>>>

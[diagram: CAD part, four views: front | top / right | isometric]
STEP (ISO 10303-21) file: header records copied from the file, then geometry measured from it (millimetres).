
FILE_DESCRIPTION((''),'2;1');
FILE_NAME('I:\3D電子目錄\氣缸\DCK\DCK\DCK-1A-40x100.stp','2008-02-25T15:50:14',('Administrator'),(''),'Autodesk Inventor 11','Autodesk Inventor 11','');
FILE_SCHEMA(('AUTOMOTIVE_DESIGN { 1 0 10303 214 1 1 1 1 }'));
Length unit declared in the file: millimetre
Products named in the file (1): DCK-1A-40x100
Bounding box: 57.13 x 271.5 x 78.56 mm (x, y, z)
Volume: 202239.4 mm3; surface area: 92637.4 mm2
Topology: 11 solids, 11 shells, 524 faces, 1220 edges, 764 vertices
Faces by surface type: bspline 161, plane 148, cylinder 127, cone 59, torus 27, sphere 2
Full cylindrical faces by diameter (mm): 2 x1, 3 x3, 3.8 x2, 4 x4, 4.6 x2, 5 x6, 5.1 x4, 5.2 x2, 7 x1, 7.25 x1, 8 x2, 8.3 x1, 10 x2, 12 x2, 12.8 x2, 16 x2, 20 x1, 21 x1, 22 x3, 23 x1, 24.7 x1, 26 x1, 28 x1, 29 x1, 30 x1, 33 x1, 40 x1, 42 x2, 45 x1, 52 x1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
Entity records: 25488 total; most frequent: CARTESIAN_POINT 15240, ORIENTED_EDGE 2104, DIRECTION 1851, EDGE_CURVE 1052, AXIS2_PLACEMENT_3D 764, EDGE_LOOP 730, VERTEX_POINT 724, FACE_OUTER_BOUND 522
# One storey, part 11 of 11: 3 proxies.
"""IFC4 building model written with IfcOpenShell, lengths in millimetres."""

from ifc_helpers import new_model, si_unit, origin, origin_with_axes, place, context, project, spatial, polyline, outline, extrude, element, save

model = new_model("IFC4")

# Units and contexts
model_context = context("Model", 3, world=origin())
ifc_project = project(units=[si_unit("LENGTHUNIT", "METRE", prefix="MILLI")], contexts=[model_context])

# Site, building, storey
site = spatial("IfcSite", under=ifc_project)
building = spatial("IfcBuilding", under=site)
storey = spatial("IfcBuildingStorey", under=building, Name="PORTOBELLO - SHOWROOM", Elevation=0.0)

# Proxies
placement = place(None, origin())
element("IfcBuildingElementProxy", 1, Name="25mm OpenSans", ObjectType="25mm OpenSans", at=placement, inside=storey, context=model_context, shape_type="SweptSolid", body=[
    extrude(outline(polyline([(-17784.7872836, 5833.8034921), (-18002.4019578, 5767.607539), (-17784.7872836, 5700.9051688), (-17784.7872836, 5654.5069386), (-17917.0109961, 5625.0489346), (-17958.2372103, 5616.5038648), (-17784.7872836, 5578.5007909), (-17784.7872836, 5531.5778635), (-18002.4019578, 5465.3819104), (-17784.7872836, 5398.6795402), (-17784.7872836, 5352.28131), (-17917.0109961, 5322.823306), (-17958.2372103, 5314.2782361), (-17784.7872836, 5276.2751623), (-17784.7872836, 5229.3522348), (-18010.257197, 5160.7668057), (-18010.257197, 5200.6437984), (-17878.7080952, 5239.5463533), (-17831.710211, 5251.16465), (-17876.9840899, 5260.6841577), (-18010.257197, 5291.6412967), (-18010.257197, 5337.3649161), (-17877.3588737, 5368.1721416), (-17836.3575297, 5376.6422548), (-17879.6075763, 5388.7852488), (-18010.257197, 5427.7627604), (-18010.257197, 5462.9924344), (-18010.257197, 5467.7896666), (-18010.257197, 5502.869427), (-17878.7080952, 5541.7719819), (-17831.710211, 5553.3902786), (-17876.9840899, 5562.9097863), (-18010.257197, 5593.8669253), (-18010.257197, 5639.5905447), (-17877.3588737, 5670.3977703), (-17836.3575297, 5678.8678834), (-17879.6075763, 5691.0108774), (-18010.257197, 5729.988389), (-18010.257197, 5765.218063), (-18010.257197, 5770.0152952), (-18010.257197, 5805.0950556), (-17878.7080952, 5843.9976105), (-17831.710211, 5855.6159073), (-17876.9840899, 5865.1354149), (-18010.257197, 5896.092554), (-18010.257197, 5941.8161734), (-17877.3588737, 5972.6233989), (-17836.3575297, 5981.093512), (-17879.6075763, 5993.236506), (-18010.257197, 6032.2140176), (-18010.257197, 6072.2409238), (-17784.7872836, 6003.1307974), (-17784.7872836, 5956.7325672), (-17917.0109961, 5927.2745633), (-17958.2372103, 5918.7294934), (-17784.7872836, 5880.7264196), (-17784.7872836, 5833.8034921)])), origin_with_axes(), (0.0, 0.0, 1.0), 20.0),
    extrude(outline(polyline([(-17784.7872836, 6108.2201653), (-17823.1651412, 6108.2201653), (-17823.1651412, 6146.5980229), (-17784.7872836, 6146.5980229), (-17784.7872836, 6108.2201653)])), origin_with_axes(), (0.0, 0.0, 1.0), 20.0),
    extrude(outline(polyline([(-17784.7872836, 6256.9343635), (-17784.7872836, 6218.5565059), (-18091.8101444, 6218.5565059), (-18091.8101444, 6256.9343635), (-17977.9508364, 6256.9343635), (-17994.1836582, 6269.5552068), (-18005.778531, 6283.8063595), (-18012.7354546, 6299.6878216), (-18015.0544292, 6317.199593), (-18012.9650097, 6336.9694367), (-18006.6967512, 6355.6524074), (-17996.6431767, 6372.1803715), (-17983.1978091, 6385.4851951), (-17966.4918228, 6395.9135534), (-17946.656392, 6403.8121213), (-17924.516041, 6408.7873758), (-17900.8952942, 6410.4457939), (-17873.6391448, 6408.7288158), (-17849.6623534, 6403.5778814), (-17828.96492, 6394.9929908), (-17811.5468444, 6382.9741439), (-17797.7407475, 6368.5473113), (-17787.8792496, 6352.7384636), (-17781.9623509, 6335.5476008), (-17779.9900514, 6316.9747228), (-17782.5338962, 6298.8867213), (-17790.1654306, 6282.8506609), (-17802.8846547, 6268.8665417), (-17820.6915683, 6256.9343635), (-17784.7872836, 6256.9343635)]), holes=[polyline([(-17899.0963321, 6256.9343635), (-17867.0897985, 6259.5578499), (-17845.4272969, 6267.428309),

<<<

Retyping the whole listing exactly is the task here.

__REPLY TO THE TASK__
[diagram: CAD part, four views: front | top / right | isometric]
STEP (ISO 10303-21) file: header records copied from the file, then geometry measured from it (millimetres).
FILE_DESCRIPTION((''),'2;1');
FILE_NAME('I:\3D電子目錄\氣缸\DCK\DCK\DCK-1A-40x100.stp','2008-02-25T15:50:14',('Administrator'),(''),'Autodesk Inventor 11','Autodesk Inventor 11','');
FILE_SCHEMA(('AUTOMOTIVE_DESIGN { 1 0 10303 214 1 1 1 1 }'));
Length unit declared in the file: millimetre
Products named in the file (1): DCK-1A-40x100
Bounding box: 57.13 x 271.5 x 78.56 mm (x, y, z)
Volume: 202239.4 mm3; surface area: 92637.4 mm2
Topology: 11 solids, 11 shells, 524 faces, 1220 edges, 764 vertices
Faces by surface type: bspline 161, plane 148, cylinder 127, cone 59, torus 27, sphere 2
Full cylindrical faces by diameter (mm): 2 x1, 3 x3, 3.8 x2, 4 x4, 4.6 x2, 5 x6, 5.1 x4, 5.2 x2, 7 x1, 7.25 x1, 8 x2, 8.3 x1, 10 x2, 12 x2, 12.8 x2, 16 x2, 20 x1, 21 x1, 22 x3, 23 x1, 24.7 x1, 26 x1, 28 x1, 29 x1, 30 x1, 33 x1, 40 x1, 42 x2, 45 x1, 52 x1
Entity records: 25488 total; most frequent: CARTESIAN_POINT 15240, ORIENTED_EDGE 2104, DIRECTION 1851, EDGE_CURVE 1052, AXIS2_PLACEMENT_3D 764, EDGE_LOOP 730, VERTEX_POINT 724, FACE_OUTER_BOUND 522
# One storey, part 11 of 11: 3 proxies.
"""IFC4 building model written with IfcOpenShell, lengths in millimetres."""

from ifc_helpers import new_model, si_unit, origin, origin_with_axes, place, context, project, spatial, polyline, outline, extrude, element, save

model = new_model("IFC4")

# Units and contexts
model_context = context("Model", 3, world=origin())
ifc_project = project(units=[si_unit("LENGTHUNIT", "METRE", prefix="MILLI")], contexts=[model_context])

# Site, building, storey
site = spatial("IfcSite", under=ifc_project)
building = spatial("IfcBuilding", under=site)
storey = spatial("IfcBuildingStorey", under=building, Name="PORTOBELLO - SHOWROOM", Elevation=0.0)

# Proxies
placement = place(None, origin())
element("IfcBuildingElementProxy", 1, Name="25mm OpenSans", ObjectType="25mm OpenSans", at=placement, inside=storey, context=model_context, shape_type="SweptSolid", body=[
    extrude(outline(polyline([(-17784.7872836, 5833.8034921), (-18002.4019578, 5767.607539), (-17784.7872836, 5700.9051688), (-17784.7872836, 5654.5069386), (-17917.0109961, 5625.0489346), (-17958.2372103, 5616.5038648), (-17784.7872836, 5578.5007909), (-17784.7872836, 5531.5778635), (-18002.4019578, 5465.3819104), (-17784.7872836, 5398.6795402), (-17784.7872836, 5352.28131), (-17917.0109961, 5322.823306), (-17958.2372103, 5314.2782361), (-17784.7872836, 5276.2751623), (-17784.7872836, 5229.3522348), (-18010.257197, 5160.7668057), (-18010.257197, 5200.6437984), (-17878.7080952, 5239.5463533), (-17831.710211, 5251.16465), (-17876.9840899, 5260.6841577), (-18010.257197, 5291.6412967), (-18010.257197, 5337.3649161), (-17877.3588737, 5368.1721416), (-17836.3575297, 5376.6422548), (-17879.6075763, 5388.7852488), (-18010.257197, 5427.7627604), (-18010.257197, 5462.9924344), (-18010.257197, 5467.7896666), (-18010.257197, 5502.869427), (-17878.7080952, 5541.7719819), (-17831.710211, 5553.3902786), (-17876.9840899, 5562.9097863), (-18010.257197, 5593.8669253), (-18010.257197, 5639.5905447), (-17877.3588737, 5670.3977703), (-17836.3575297, 5678.8678834), (-17879.6075763, 5691.0108774), (-18010.257197, 5729.988389), (-18010.257197, 5765.218063), (-18010.257197, 5770.0152952), (-18010.257197, 5805.0950556), (-17878.7080952, 5843.9976105), (-17831.710211, 5855.6159073), (-17876.9840899, 5865.1354149), (-18010.257197, 5896.092554), (-18010.257197, 5941.8161734), (-17877.3588737, 5972.6233989), (-17836.3575297, 5981.093512), (-17879.6075763, 5993.236506), (-18010.257197, 6032.2140176), (-18010.257197, 6072.2409238), (-17784.7872836, 6003.1307974), (-17784.7872836, 5956.7325672), (-17917.0109961, 5927.2745633), (-17958.2372103, 5918.7294934), (-17784.7872836, 5880.7264196), (-17784.7872836, 5833.8034921)])), origin_with_axes(), (0.0, 0.0, 1.0), 20.0),
    extrude(outline(polyline([(-17784.7872836, 6108.2201653), (-17823.1651412, 6108.2201653), (-17823.1651412, 6146.5980229), (-17784.7872836, 6146.5980229), (-17784.7872836, 6108.2201653)])), origin_with_axes(), (0.0, 0.0, 1.0), 20.0),
    extrude(outline(polyline([(-17784.7872836, 6256.9343635), (-17784.7872836, 6218.5565059), (-18091.8101444, 6218.5565059), (-18091.8101444, 6256.9343635), (-17977.9508364, 6256.9343635), (-17994.1836582, 6269.5552068), (-18005.778531, 6283.8063595), (-18012.7354546, 6299.6878216), (-18015.0544292, 6317.199593), (-18012.9650097, 6336.9694367), (-18006.6967512, 6355.6524074), (-17996.6431767, 6372.1803715), (-17983.1978091, 6385.4851951), (-17966.4918228, 6395.9135534), (-17946.656392, 6403.8121213), (-17924.516041, 6408.7873758), (-17900.8952942, 6410.4457939), (-17873.6391448, 6408.7288158), (-17849.6623534, 6403.5778814), (-17828.96492, 6394.9929908), (-17811.5468444, 6382.9741439), (-17797.7407475, 6368.5473113), (-17787.8792496, 6352.7384636), (-17781.9623509, 6335.5476008), (-17779.9900514, 6316.9747228), (-17782.5338962, 6298.8867213), (-17790.1654306, 6282.8506609), (-17802.8846547, 6268.8665417), (-17820.6915683, 6256.9343635), (-17784.7872836, 6256.9343635)]), holes=[polyline([(-17899.0963321, 6256.9343635), (-17867.0897985, 6259.5578499), (-17845.4272969, 6267.428309),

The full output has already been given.